Coding standards / spaces vs tabs
pgoetz at mail.utexas.edu
Thu Oct 21 16:54:23 EDT 2010
On 10/21/2010 7:10 AM, Bron Gondwana wrote:
>> set tabstop=3
>> set expandtab
> 3? Why three?
Einstein said "make everything as simple as possible, but not too
simple". I think a similar principle applies to indentation: indent as
little as possible, but not too little.
When I first started coding again 10 years ago because both the
programmers I was working with abruptly quit for personal reasons,
leaving me (and the client) in the lurch, I inherited a bunch of code
where tab was used exclusively to indent. In my opinion, tab = 8
characters indentation is ridiculously unreadable. With just 3 or 4
nested blocks your lines start halfway across the page, increasing line
breaks. When I discovered tabstop and expandtab in vim, I realized that
I could make the indentation anything I damn well pleased and it would
automatically be invoked in any file I edited. And since I was the only
one working on the code at this point, my opinion was the only one that
mattered. After playing around a bit, glancing at a bunch of code to
make sure nested blocks "jumped out" visually, etc., I determined that
-- at least for me -- 3 spaces was the optimal number; 2 wasn't enough,
Re: using 8 space tabs. This is the point where someone says "what are
you talking about? Everyone has 24" 1900x1200 monitors these days; you
can have a terminal which is 300 characters wide!" Yes, and I can also
go blind staring at it 8 hours a day -- I'll pass.

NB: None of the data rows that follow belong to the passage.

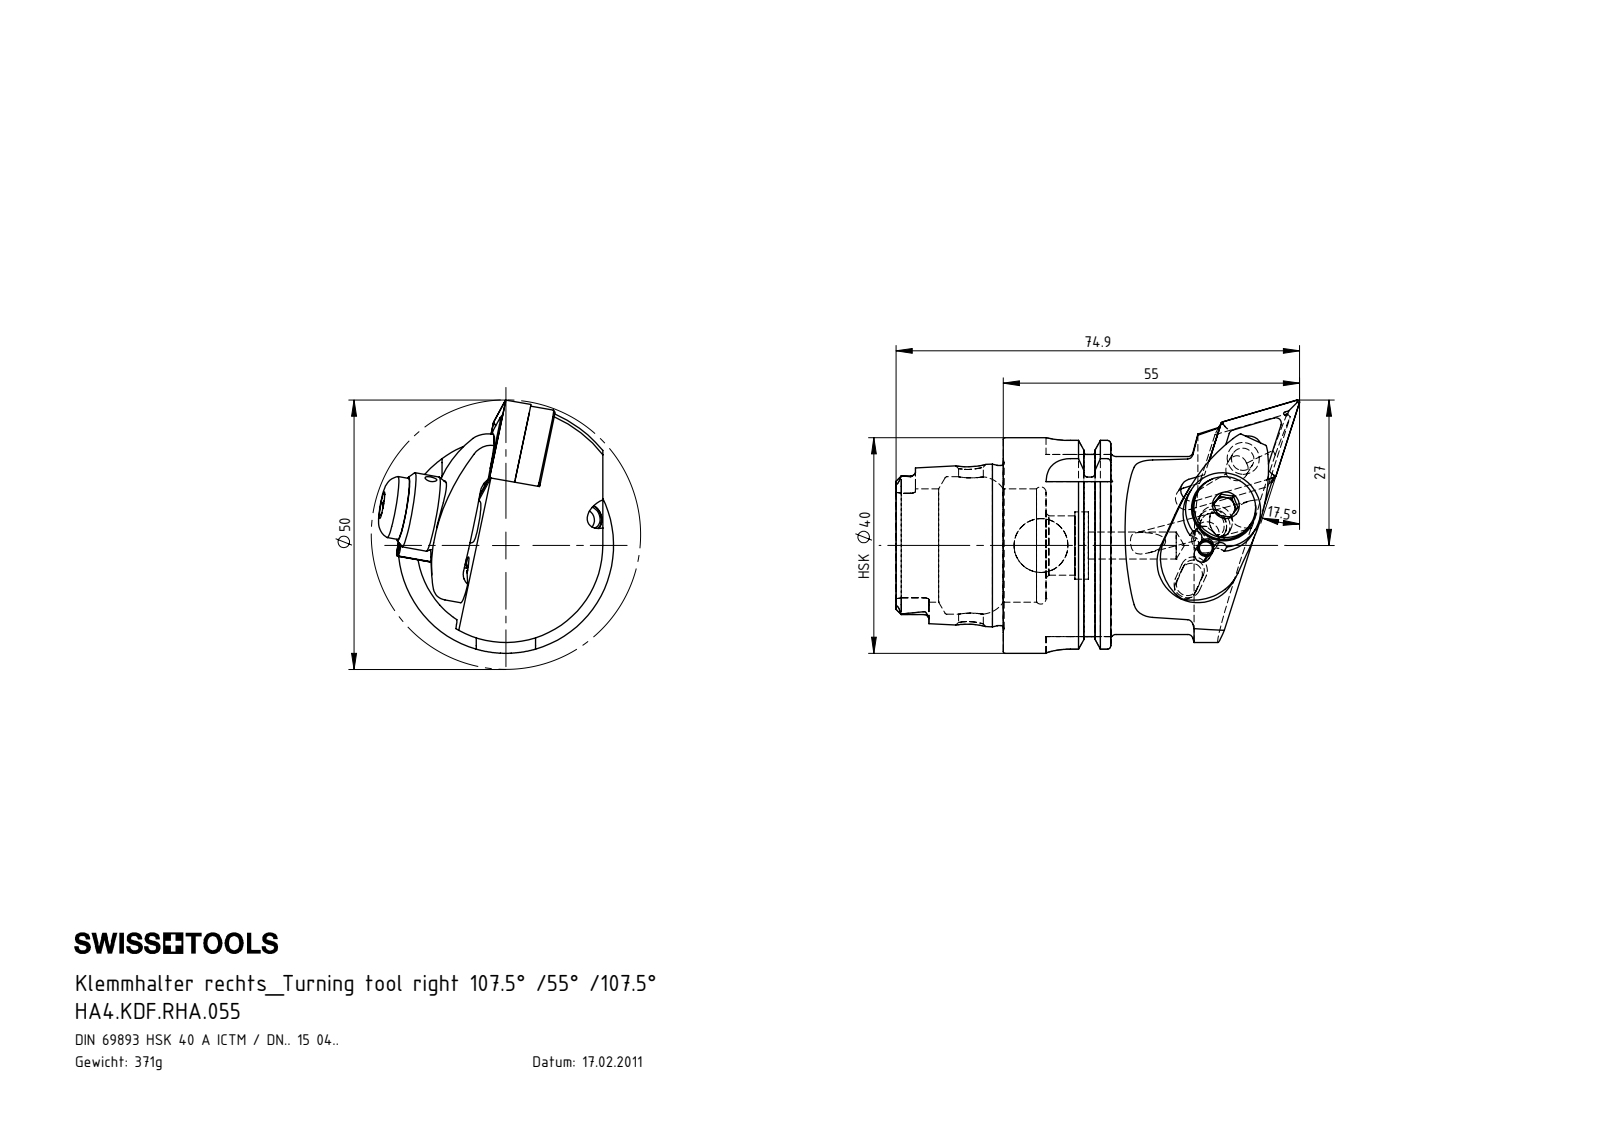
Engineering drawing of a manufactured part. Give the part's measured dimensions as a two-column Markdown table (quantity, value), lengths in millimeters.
| quantity | value |
| --- | --- |
| part name | WCC-ER4.103.032_A; WCC-ER3.102.024_C; WCC-ER5.102.005_A; WCC-ER2.001.010_A (+7 more) |
| STEP written by | SolidWorks 2022 (AUTOMOTIVE_DESIGN) |
| units | millimeters |
| bodies | 11 solids, 465 faces (122 planar, 154 cylindrical, 189 other) |
| overall size | 74.9 × 47 × 43.63 |
| volume | 46 482 mm³ |
| surface area | 19 019 mm² |
| round holes (diameter × count) | 2 × 3, 5 × 3, 4.2 × 2, 7 × 2, 2.4 × 1, 3 × 1, 4 × 1, 4.6 × 1, 5.16 × 1, 6.2 × 1, 6.5 × 1, 8.5 × 1 |
| round bosses / shafts (diameter × count) | 5 × 2, 3 × 2, 40 × 1, 34.75 × 1, 33 × 1, 29.71 × 1, 14 × 1, 11.5 × 1 |
| partial cylindrical surfaces (radius × count) | 0.39 × 6, 0.69 × 6, 0.9 × 6, 0.4 × 4, 4.5 × 4, 1.5 × 3, 3 × 3, 1.82 × 2 |
| main face-to-face distances | 6.02, 12.7, 12.3, 7.95, 1.31, 7.33, 12, 9.2, 19.95, 3.17 |
| hole center spacings | 23, 14.81, 14.99, 23.01, 7.99, 8, 8.01, 8.02 |

Re: using tabs for indentation at all: especially given the somewhat
disturbing growing ubiquity of python, getting in the habit of using
tabs for indentation is like giving a box of matches and a stick of
dynamite to your pet monkey. It seems innocuous enough, but sooner or
later a tragedy will occur. Mixing tabs and spaces;especially given
that the width of tabs is user-definable? Add to the preceding showing
the monkey how to light the matches and throw in a couple of liters of
gasoline. And yes, I'm aware that Makefiles require tabs; this is just
one more indication that make is obsolete and needs to be rewritten from
scratch using modern programming paradigms.
I know talking about indentation is like starting a "vi vs. emacs --
which is better?" discussion, but you asked.